Forum Moderators: open

Message Too Old, No Replies

Server farms in the age of VPNs

How to consider server farms in the age of consumer VPNs

JamesSC

12:54 pm on Oct 11, 2018 (gmt 0)

Top Contributors Of The Month

Thanks again to everyone who helped me with my first inquiry.

There are many references across Webmasterworld to traffic coming from server farms, where the implication has been that such traffic is generally undesirable.

However, particularly since April, 2017 when U.S. broadband privacy rules were overturned, allowing ISPs to collect and market user data, and even before when Consumer Reports of all sources began explicitly recommending its readers practice anonymity online, more and more ordinary people have been turning to routinely using VPNs.

As a consequence, available addresses are in ever shorter supply, and server farms are consequently filling that void. It's also not uncommon to find one or more addresses already blocked by Google or a site's CDN provider.

So: since it is now a fact now that more and more ordinary, legitimate humans are arriving at sites from addresses that previously might have been written off as hacker/spammer neighborhoods, if it has, how has your philosophy and, more importantly, your specific treatment of server farm ranges evolved?

Thanks,

James

justpassing

1:10 pm on Oct 11, 2018 (gmt 0)

Top Contributors Of The Month

I created my own CAPTCHA-like form that I use when I detect an IP which belongs to my "suspect" list. So real humans can pass and continue. Then I keep an eye on what happens to eventually refine my list.

Steven29

2:53 pm on Oct 11, 2018 (gmt 0)

I haven't seen a legitimate user using a cloud or hosting ip address to this day. But every single day there are thousands and thousands of bad requests.

I would say the day the legitimate requests surpass the bad requests I may look into a way to filter these better.

I think cloud servers are basically today's proxies.

lucy24

5:27 pm on Oct 11, 2018 (gmt 0)

WebmasterWorld Senior Member

10+ Year Member

Top Contributors Of The Month

how has your philosophy and, more importantly, your specific treatment of server farm ranges evolved?

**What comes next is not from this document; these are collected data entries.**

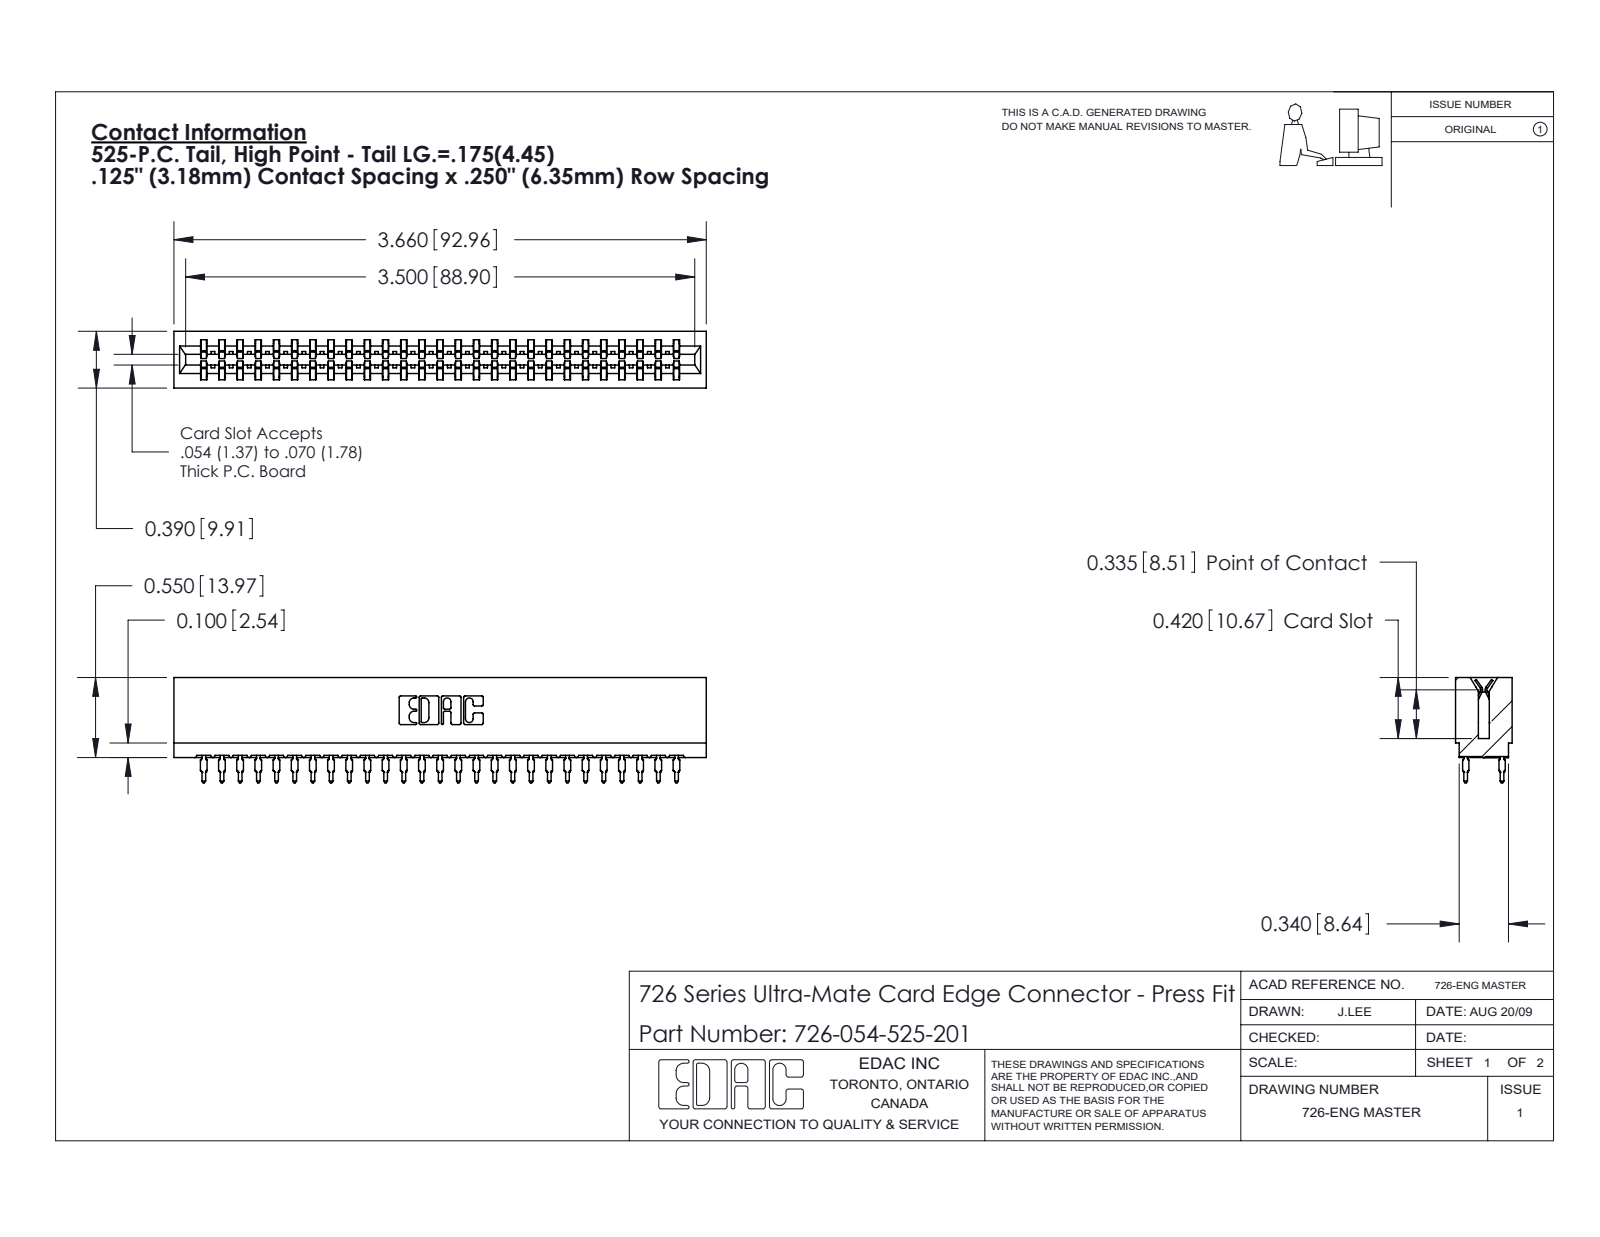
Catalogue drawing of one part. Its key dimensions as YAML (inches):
part_name: "726-054-525-201; 726 Part_.515 Slot Depth - 01; 746-292-001_525"
step_written_by: "SolidWorks 2020 (CONFIG_CONTROL_DESIGN)"
units: inches
bodies: {solids: 55, faces: 4930, planar: 2539, cylindrical: 987, other: 1404}
overall_size: [3.66, 0.724, 0.39]
volume: 0.525
surface_area: 21.63
partial_cylinders:
  - {radius: 0.021, count: 108}
  - {radius: 0.015, count: 28}
  - {radius: 0.01, count: 22}
  - {radius: 0.005, count: 8}
  - {radius: 0.011, count: 8}
  - {radius: 0.007, count: 6}
  - {radius: 0.031, count: 6}
  - {radius: 0.026, count: 3}
face_to_face_distances: [0.057, 0.333, 0.25, 0.39, 0.025, 0.307, 0.275, 0.083, 0.5, 0.365]
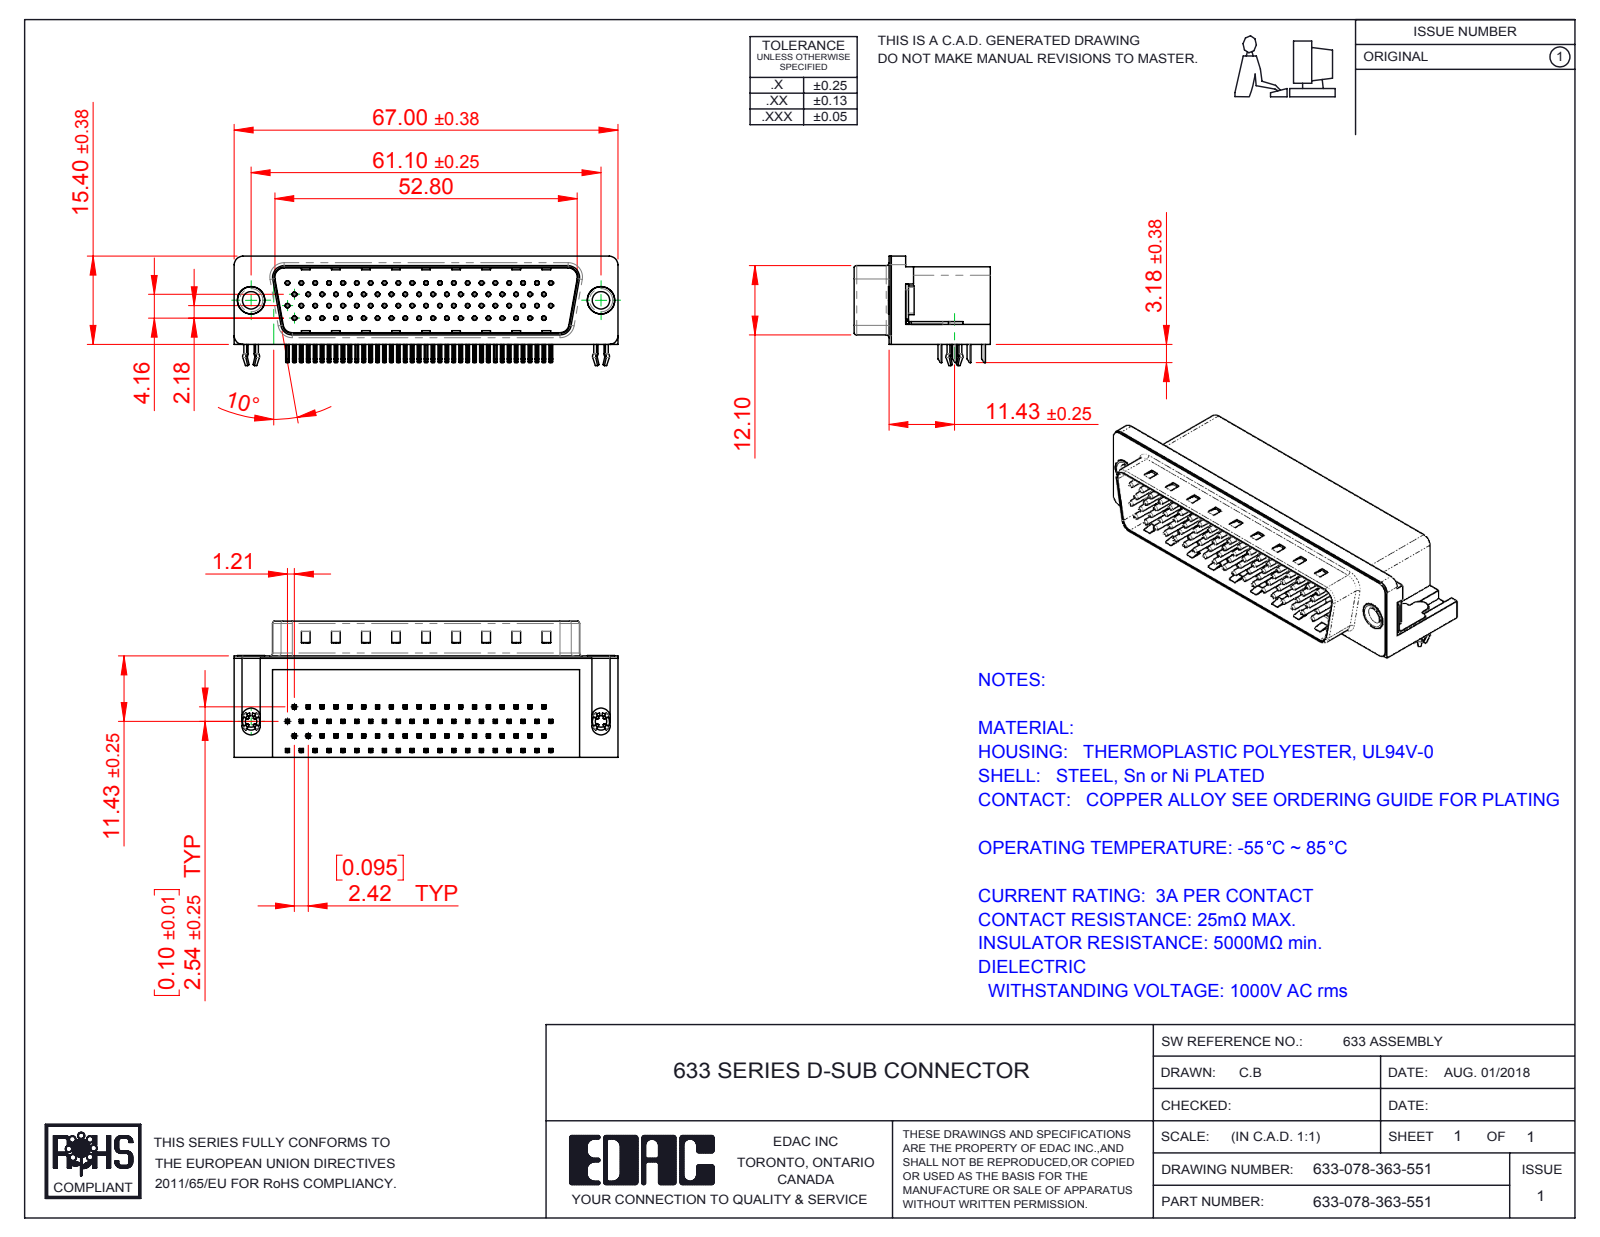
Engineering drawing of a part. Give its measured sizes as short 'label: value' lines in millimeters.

Several years ago I dumped my old, IP-based access controls and changed over to header-based rules. Visitors are assessed based on who they are and what they do, not where they live. Yes, some robots get through--but no more than before overall, and with much less time and trouble on my part.

justpassing

5:50 pm on Oct 11, 2018 (gmt 0)

Top Contributors Of The Month

header-based rules.

Can you explain ? Do you check the headers sent during a request and depending of fields set or missing, you let them in or not ? Is that it?

lucy24

6:15 pm on Oct 11, 2018 (gmt 0)

WebmasterWorld Senior Member

10+ Year Member

Top Contributors Of The Month

Is that it?

Yup, that's basically it. I tend not to go into detail, on the--admittedly remote--chance that botrunners are reading these forums and taking notes. (Based on the observed intelligence of the average robot, I tend to doubt it.)

justpassing

7:44 pm on Oct 11, 2018 (gmt 0)

Top Contributors Of The Month

That's fine, thank you.

keyplyr

9:01 pm on Oct 11, 2018 (gmt 0)

WebmasterWorld Senior Member

10+ Year Member

Top Contributors Of The Month

Hi JamesSC,

Nothing has changed as far as site security.

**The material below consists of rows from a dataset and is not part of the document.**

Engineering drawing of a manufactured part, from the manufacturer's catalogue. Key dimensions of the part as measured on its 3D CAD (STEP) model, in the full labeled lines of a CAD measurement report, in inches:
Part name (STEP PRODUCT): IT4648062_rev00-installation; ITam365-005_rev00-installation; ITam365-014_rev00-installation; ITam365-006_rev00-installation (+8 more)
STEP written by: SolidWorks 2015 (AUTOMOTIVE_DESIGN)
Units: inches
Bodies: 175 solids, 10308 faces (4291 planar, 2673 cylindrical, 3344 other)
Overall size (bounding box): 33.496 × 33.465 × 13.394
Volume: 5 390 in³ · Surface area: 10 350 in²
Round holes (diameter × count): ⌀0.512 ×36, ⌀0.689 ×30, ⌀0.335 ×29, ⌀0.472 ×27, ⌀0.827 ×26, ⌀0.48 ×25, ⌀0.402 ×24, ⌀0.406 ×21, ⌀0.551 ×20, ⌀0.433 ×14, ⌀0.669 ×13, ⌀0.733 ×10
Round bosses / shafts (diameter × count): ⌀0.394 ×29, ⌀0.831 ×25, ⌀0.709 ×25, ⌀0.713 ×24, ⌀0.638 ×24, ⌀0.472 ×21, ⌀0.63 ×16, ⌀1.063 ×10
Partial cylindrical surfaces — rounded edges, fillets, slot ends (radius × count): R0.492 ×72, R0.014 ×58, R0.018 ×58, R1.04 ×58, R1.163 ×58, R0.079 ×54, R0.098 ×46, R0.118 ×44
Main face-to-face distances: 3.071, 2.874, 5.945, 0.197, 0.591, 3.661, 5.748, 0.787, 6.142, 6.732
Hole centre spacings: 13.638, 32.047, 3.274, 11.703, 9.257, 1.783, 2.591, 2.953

Site security should be a comprehensive methodology of filtering traffic through several approaches, as outlined here: Blocking Methods [webmasterworld.com] and HTTPS Security Headers [webmasterworld.com]

@justpassing - header check methods are linked from the Blocking Methods.

justpassing

8:16 am on Oct 12, 2018 (gmt 0)

Top Contributors Of The Month

@justpassing - header check methods are linked from the Blocking Methods.

Yes thank you. It's roughly what I am doing too, but still need to be strict about server farms just because of one single scraper archive.is/today/onion (they keep changing their name), which has all the correct headers.

keyplyr

8:28 am on Oct 12, 2018 (gmt 0)

WebmasterWorld Senior Member

10+ Year Member

Top Contributors Of The Month

A site with light traffic (<10k daily page loads) can probably get by relatively OK only using Header based security, however medium to heavy traffic sites really need a comprehensive approach of all the blocking methods. There's just too much going on.

As far as visitors using VPNs hosted at server farms, the same approach is needed. I block all known server farm ranges (over 6k) with prejudice for beneficial bots, apps, schools, ISPs, *some* VPNs, and a few other variables.

However, those agents allowed through the IP filters must also validate with the other conditions.

All this takes daily diligent attention. I watch server logs and constantly tweak my rules.